Consultation du 11/04/2025 au 03/05/2025 - 3788 contributions

Le projet d’arrêté ministériel soumis à la consultation du public consiste en une mise à jour de la réglementation relative à la détention d’animaux d’espèces non domestiques.

Le ministère de la transition écologique, de la biodiversité, de la forêt, de la mer et de la pêche a travaillé à partir de 2021 à la mise à jour de l’arrêté du 8 octobre 2018 fixant les règles générales de détention d’animaux d’espèces non domestiques afin d’en corriger les coquilles, de le rendre plus lisible et de modifier certaines dispositions dans l’objectif de faciliter sa mise en œuvre. Des groupes de travail ont ainsi été organisés en 2021 afin de recueillir les avis de l’ensemble des parties prenantes sur les modifications à mettre en place.

Ce projet d’arrêté modificatif a reçu un avis favorable, avec des demandes de modifications qui ont été prises en compte, de la part de la Commission Nationale Consultative pour la Faune Sauvage Captive (CNCFSC), en formation d’étude pour la faune sauvage, réunie le 18 septembre 2024. Il a également reçu un avis favorable de la part du Conseil national de la Protection de la Nature (CNPN), réuni le 16 octobre 2024.

La version du projet d’arrêté ministériel prenant en compte les modifications à la suite de ces consultations est celle soumise à la consultation du public. Les modifications les plus notables du projet de texte sont résumées ci-dessous.

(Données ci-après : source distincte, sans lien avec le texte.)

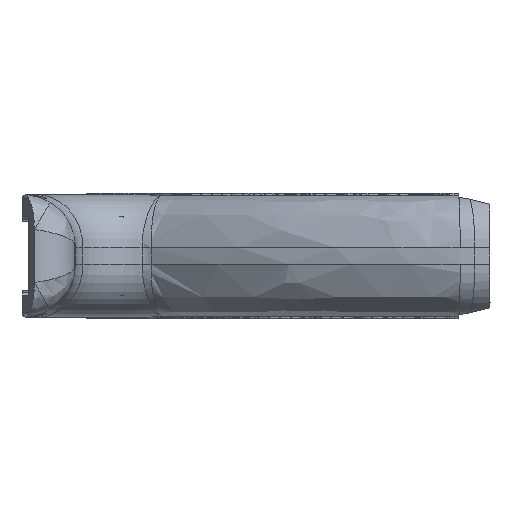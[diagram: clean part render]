
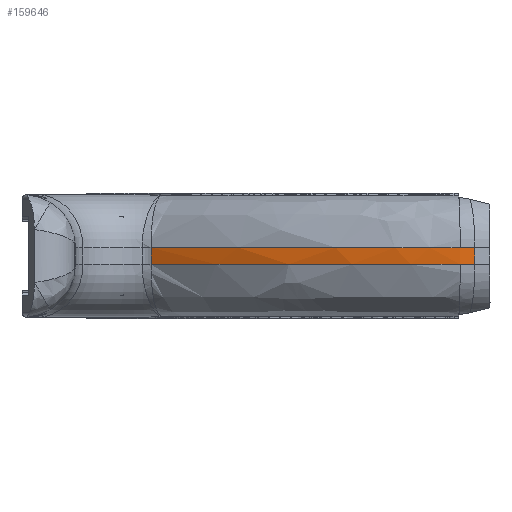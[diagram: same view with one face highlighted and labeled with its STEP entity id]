
A CAD part, left-side view. The second image highlights one B-rep face of the part: STEP entity #159646.
In plain terms, the highlighted free-form (B-spline) face has degree [3, 1] with [22, 2] control points.
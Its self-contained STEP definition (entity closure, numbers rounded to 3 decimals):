
#433=B_SPLINE_SURFACE_WITH_KNOTS('',3,1,((#253703,#253704),(#253705,#253706),
(#253707,#253708),(#253709,#253710),(#253711,#253712),(#253713,#253714),
(#253715,#253716),(#253717,#253718),(#253719,#253720),(#253721,#253722),
(#253723,#253724),(#253725,#253726),(#253727,#253728),(#253729,#253730),
(#253731,#253732),(#253733,#253734),(#253735,#253736),(#253737,#253738),
(#253739,#253740),(#253741,#253742),(#253743,#253744),(#253745,#253746)),
 .UNSPECIFIED.,.F.,.F.,.F.,(4,3,3,3,3,3,3,4),(2,2),(0.136,0.287,
0.413,0.559,0.673,0.855,
1.,1.778),(0.,2.9),.UNSPECIFIED.);
#994=B_SPLINE_CURVE_WITH_KNOTS('',3,(#252480,#252481,#252482,#252483,#252484,
#252485,#252486,#252487,#252488,#252489,#252490,#252491,#252492,#252493,
#252494,#252495),.UNSPECIFIED.,.F.,.F.,(4,1,1,1,1,1,1,1,1,1,1,1,1,4),(-7.333,
-7.126,-6.592,-6.058,-5.525,
-4.991,-3.39,-3.123,-2.857,-2.323,
-1.256,-0.722,-0.455,-0.189),
 .UNSPECIFIED.);
#1018=B_SPLINE_CURVE_WITH_KNOTS('',3,(#253237,#253238,#253239,#253240,#253241,
#253242,#253243,#253244,#253245,#253246,#253247,#253248,#253249,#253250,
#253251,#253252),.UNSPECIFIED.,.F.,.F.,(4,1,1,1,1,1,1,1,1,1,1,1,1,4),(-9.688,
-9.421,-9.154,-8.62,-8.087,
-7.553,-7.019,-5.418,-5.063,
-4.351,-3.818,-3.284,-2.75,
-2.543),.UNSPECIFIED.);
#1021=B_SPLINE_CURVE_WITH_KNOTS('',3,(#253291,#253292,#253293,#253294),
 .UNSPECIFIED.,.F.,.F.,(4,4),(0.,0.4),.UNSPECIFIED.);
#1024=B_SPLINE_CURVE_WITH_KNOTS('',3,(#253392,#253393,#253394,#253395,#253396,
#253397,#253398,#253399),.UNSPECIFIED.,.F.,.F.,(4,1,1,1,1,4),(-0.188,
-0.081,-0.054,-0.027,-0.013,
0.),.UNSPECIFIED.);
#1030=B_SPLINE_CURVE_WITH_KNOTS('',3,(#253589,#253590,#253591,#253592,#253593,
#253594,#253595,#253596,#253597),.UNSPECIFIED.,.F.,.F.,(4,1,1,1,1,1,4),
(-0.188,-0.175,-0.162,-0.135,
-0.108,-0.054,0.),
 .UNSPECIFIED.);
#9822=FACE_OUTER_BOUND('',#18891,.T.);
#18891=EDGE_LOOP('',(#141554,#141555,#141556,#141557,#141558,#141559));
#40033=LINE('',#253693,#61495);
#61495=VECTOR('',#205368,10.);
#76139=VERTEX_POINT('',#252471);
#76140=VERTEX_POINT('',#252479);
#76170=VERTEX_POINT('',#253234);
#76171=VERTEX_POINT('',#253236);
#76179=VERTEX_POINT('',#253391);
#76215=VERTEX_POINT('',#253587);
#97992=EDGE_CURVE('',#76139,#76140,#994,.T.);
#98041=EDGE_CURVE('',#76170,#76171,#1018,.T.);
#98049=EDGE_CURVE('',#76171,#76139,#1021,.T.);
#98054=EDGE_CURVE('',#76140,#76179,#1024,.T.);
#98097=EDGE_CURVE('',#76215,#76170,#1030,.T.);
#98101=EDGE_CURVE('',#76179,#76215,#40033,.T.);
#141554=ORIENTED_EDGE('',*,*,#98049,.F.);
#141555=ORIENTED_EDGE('',*,*,#98041,.F.);
#141556=ORIENTED_EDGE('',*,*,#98097,.F.);
#141557=ORIENTED_EDGE('',*,*,#98101,.F.);
#141558=ORIENTED_EDGE('',*,*,#98054,.F.);
#141559=ORIENTED_EDGE('',*,*,#97992,.F.);
#159646=ADVANCED_FACE('',(#9822),#433,.T.);
#205368=DIRECTION('',(0.,0.,-1.));
#252471=CARTESIAN_POINT('',(-65.926,18.872,-17.5));
#252479=CARTESIAN_POINT('',(-90.866,-54.408,-17.5));
#252480=CARTESIAN_POINT('Ctrl Pts',(-65.928,18.875,
-17.5));
#252481=CARTESIAN_POINT('Ctrl Pts',(-66.185,18.41,
-17.5));
#252482=CARTESIAN_POINT('Ctrl Pts',(-67.205,16.636,
-17.5));
#252483=CARTESIAN_POINT('Ctrl Pts',(-69.513,12.961,-17.5));
#252484=CARTESIAN_POINT('Ctrl Pts',(-72.502,7.859,
-17.5));
#252485=CARTESIAN_POINT('Ctrl Pts',(-75.244,2.685,
-17.5));
#252486=CARTESIAN_POINT('Ctrl Pts',(-79.441,-6.086,
-17.5));
#252487=CARTESIAN_POINT('Ctrl Pts',(-82.622,-14.129,
-17.5));
#252488=CARTESIAN_POINT('Ctrl Pts',(-85.043,-21.501,
-17.5));
#252489=CARTESIAN_POINT('Ctrl Pts',(-86.186,-25.216,
-17.5));
#252490=CARTESIAN_POINT('Ctrl Pts',(-88.005,-31.808,
-17.5));
#252491=CARTESIAN_POINT('Ctrl Pts',(-89.635,-39.501,
-17.5));
#252492=CARTESIAN_POINT('Ctrl Pts',(-90.546,-46.606,
-17.5));
#252493=CARTESIAN_POINT('Ctrl Pts',(-90.844,-50.871,
-17.5));
#252494=CARTESIAN_POINT('Ctrl Pts',(-90.895,-53.137,
-17.5));
#252495=CARTESIAN_POINT('Ctrl Pts',(-90.866,-54.408,
-17.5));
#253234=CARTESIAN_POINT('',(-90.866,-54.408,-21.5));
#253236=CARTESIAN_POINT('',(-65.926,18.872,-21.5));
#253237=CARTESIAN_POINT('Ctrl Pts',(-90.866,-54.408,
-21.5));
#253238=CARTESIAN_POINT('Ctrl Pts',(-90.895,-53.137,-21.5));
#253239=CARTESIAN_POINT('Ctrl Pts',(-90.844,-50.871,
-21.5));
#253240=CARTESIAN_POINT('Ctrl Pts',(-90.546,-46.608,
-21.5));
#253241=CARTESIAN_POINT('Ctrl Pts',(-89.896,-41.528,
-21.5));
#253242=CARTESIAN_POINT('Ctrl Pts',(-88.819,-35.66,
-21.5));
#253243=CARTESIAN_POINT('Ctrl Pts',(-87.487,-29.921,-21.5));
#253244=CARTESIAN_POINT('Ctrl Pts',(-84.882,-20.511,
-21.5));
#253245=CARTESIAN_POINT('Ctrl Pts',(-81.832,-12.033,
-21.5));
#253246=CARTESIAN_POINT('Ctrl Pts',(-78.033,-3.166,
-21.5));
#253247=CARTESIAN_POINT('Ctrl Pts',(-75.546,2.109,
-21.5));
#253248=CARTESIAN_POINT('Ctrl Pts',(-72.503,7.858,
-21.5));
#253249=CARTESIAN_POINT('Ctrl Pts',(-69.511,12.962,
-21.5));
#253250=CARTESIAN_POINT('Ctrl Pts',(-67.205,16.635,
-21.5));
#253251=CARTESIAN_POINT('Ctrl Pts',(-66.186,18.408,
-21.5));
#253252=CARTESIAN_POINT('Ctrl Pts',(-65.929,18.873,
-21.5));
#253291=CARTESIAN_POINT('Ctrl Pts',(-65.926,18.872,-21.5));
#253292=CARTESIAN_POINT('Ctrl Pts',(-65.926,18.872,-20.167));
#253293=CARTESIAN_POINT('Ctrl Pts',(-65.926,18.872,-18.833));
#253294=CARTESIAN_POINT('Ctrl Pts',(-65.926,18.872,-17.5));
#253391=CARTESIAN_POINT('',(-90.597,-57.895,-17.5));
#253392=CARTESIAN_POINT('Ctrl Pts',(-90.866,-54.408,
-17.5));
#253393=CARTESIAN_POINT('Ctrl Pts',(-90.855,-54.921,
-17.5));
#253394=CARTESIAN_POINT('Ctrl Pts',(-90.831,-55.584,
-17.5));
#253395=CARTESIAN_POINT('Ctrl Pts',(-90.757,-56.55,
-17.5));
#253396=CARTESIAN_POINT('Ctrl Pts',(-90.713,-57.003,
-17.5));
#253397=CARTESIAN_POINT('Ctrl Pts',(-90.661,-57.444,
-17.5));
#253398=CARTESIAN_POINT('Ctrl Pts',(-90.625,-57.711,
-17.5));
#253399=CARTESIAN_POINT('Ctrl Pts',(-90.597,-57.895,
-17.5));
#253587=CARTESIAN_POINT('',(-90.597,-57.895,-21.5));
#253589=CARTESIAN_POINT('Ctrl Pts',(-90.597,-57.895,
-21.5));
#253590=CARTESIAN_POINT('Ctrl Pts',(-90.625,-57.711,
-21.5));
#253591=CARTESIAN_POINT('Ctrl Pts',(-90.661,-57.444,
-21.5));
#253592=CARTESIAN_POINT('Ctrl Pts',(-90.713,-57.003,
-21.5));
#253593=CARTESIAN_POINT('Ctrl Pts',(-90.756,-56.551,
-21.5));
#253594=CARTESIAN_POINT('Ctrl Pts',(-90.806,-55.905,
-21.5));
#253595=CARTESIAN_POINT('Ctrl Pts',(-90.844,-55.192,
-21.5));
#253596=CARTESIAN_POINT('Ctrl Pts',(-90.861,-54.664,
-21.5));
#253597=CARTESIAN_POINT('Ctrl Pts',(-90.866,-54.408,
-21.5));
#253693=CARTESIAN_POINT('',(-90.597,-57.895,-5.));
#253703=CARTESIAN_POINT('Ctrl Pts',(-90.597,-57.895,
-5.));
#253704=CARTESIAN_POINT('Ctrl Pts',(-90.597,-57.895,
-34.));
#253705=CARTESIAN_POINT('Ctrl Pts',(-91.015,-55.162,
-5.));
#253706=CARTESIAN_POINT('Ctrl Pts',(-91.015,-55.162,
-34.));
#253707=CARTESIAN_POINT('Ctrl Pts',(-91.009,-50.48,
-5.));
#253708=CARTESIAN_POINT('Ctrl Pts',(-91.009,-50.48,
-34.));
#253709=CARTESIAN_POINT('Ctrl Pts',(-90.256,-44.48,
-5.));
#253710=CARTESIAN_POINT('Ctrl Pts',(-90.256,-44.48,
-34.));
#253711=CARTESIAN_POINT('Ctrl Pts',(-89.633,-39.518,
-5.));
#253712=CARTESIAN_POINT('Ctrl Pts',(-89.633,-39.518,
-34.));
#253713=CARTESIAN_POINT('Ctrl Pts',(-88.483,-33.652,
-5.));
#253714=CARTESIAN_POINT('Ctrl Pts',(-88.483,-33.652,
-34.));
#253715=CARTESIAN_POINT('Ctrl Pts',(-86.815,-27.531,
-5.));
#253716=CARTESIAN_POINT('Ctrl Pts',(-86.815,-27.531,
-34.));
#253717=CARTESIAN_POINT('Ctrl Pts',(-84.861,-20.365,-5.));
#253718=CARTESIAN_POINT('Ctrl Pts',(-84.861,-20.365,-34.));
#253719=CARTESIAN_POINT('Ctrl Pts',(-82.172,-12.873,
-5.));
#253720=CARTESIAN_POINT('Ctrl Pts',(-82.172,-12.873,
-34.));
#253721=CARTESIAN_POINT('Ctrl Pts',(-79.481,-6.555,
-5.));
#253722=CARTESIAN_POINT('Ctrl Pts',(-79.481,-6.555,
-34.));
#253723=CARTESIAN_POINT('Ctrl Pts',(-77.395,-1.655,
-5.));
#253724=CARTESIAN_POINT('Ctrl Pts',(-77.395,-1.655,
-34.));
#253725=CARTESIAN_POINT('Ctrl Pts',(-75.332,2.538,
-5.));
#253726=CARTESIAN_POINT('Ctrl Pts',(-75.332,2.538,
-34.));
#253727=CARTESIAN_POINT('Ctrl Pts',(-73.499,5.95,-5.));
#253728=CARTESIAN_POINT('Ctrl Pts',(-73.499,5.95,-34.));
#253729=CARTESIAN_POINT('Ctrl Pts',(-70.581,11.381,
-5.));
#253730=CARTESIAN_POINT('Ctrl Pts',(-70.581,11.381,
-34.));
#253731=CARTESIAN_POINT('Ctrl Pts',(-68.258,14.887,
-5.));
#253732=CARTESIAN_POINT('Ctrl Pts',(-68.258,14.887,
-34.));
#253733=CARTESIAN_POINT('Ctrl Pts',(-66.699,17.526,
-5.));
#253734=CARTESIAN_POINT('Ctrl Pts',(-66.699,17.526,
-34.));
#253735=CARTESIAN_POINT('Ctrl Pts',(-65.448,19.643,
-5.));
#253736=CARTESIAN_POINT('Ctrl Pts',(-65.448,19.643,
-34.));
#253737=CARTESIAN_POINT('Ctrl Pts',(-64.666,21.216,
-5.));
#253738=CARTESIAN_POINT('Ctrl Pts',(-64.666,21.216,
-34.));
#253739=CARTESIAN_POINT('Ctrl Pts',(-64.356,22.442,
-5.));
#253740=CARTESIAN_POINT('Ctrl Pts',(-64.356,22.442,
-34.));
#253741=CARTESIAN_POINT('Ctrl Pts',(-62.823,28.484,
-5.));
#253742=CARTESIAN_POINT('Ctrl Pts',(-62.823,28.484,
-34.));
#253743=CARTESIAN_POINT('Ctrl Pts',(-61.291,34.526,-5.));
#253744=CARTESIAN_POINT('Ctrl Pts',(-61.291,34.526,-34.));
#253745=CARTESIAN_POINT('Ctrl Pts',(-59.759,40.567,
-5.));
#253746=CARTESIAN_POINT('Ctrl Pts',(-59.759,40.567,
-34.));

I. Modifications en application de la loi n° 2021-1539 visant à lutter contre la maltraitance animale et conforter le lien entre les animaux et les hommes

Il est proposé de modifier le I de l’article 3 de l’arrêté du 8 octobre 2018 pour y préciser que les animaux d’espèces non domestiques détenus dans des établissements itinérants les présentant au public doivent être munis d’un marquage individuel et permanent (2° de l’article 3 de l’arrêté modificatif). Cette modification impose, en application de l’article 7 de l’arrêté, l’identification dans le fichier i-fap (fichier national d’identification de la faune protégée) de tous les animaux d’espèces non domestiques détenus dans des établissements itinérants comme prévu par l’article 46 issu de la loi n° 2021 1539 précitée. Cela n’était que partiellement le cas actuellement (certaines espèces, comme les wallabys, les zèbres, les bisons ou certaines espèces de ratites des établissements itinérants n’étaient pas concernées par cette obligation d’enregistrement dans le fichier i fap).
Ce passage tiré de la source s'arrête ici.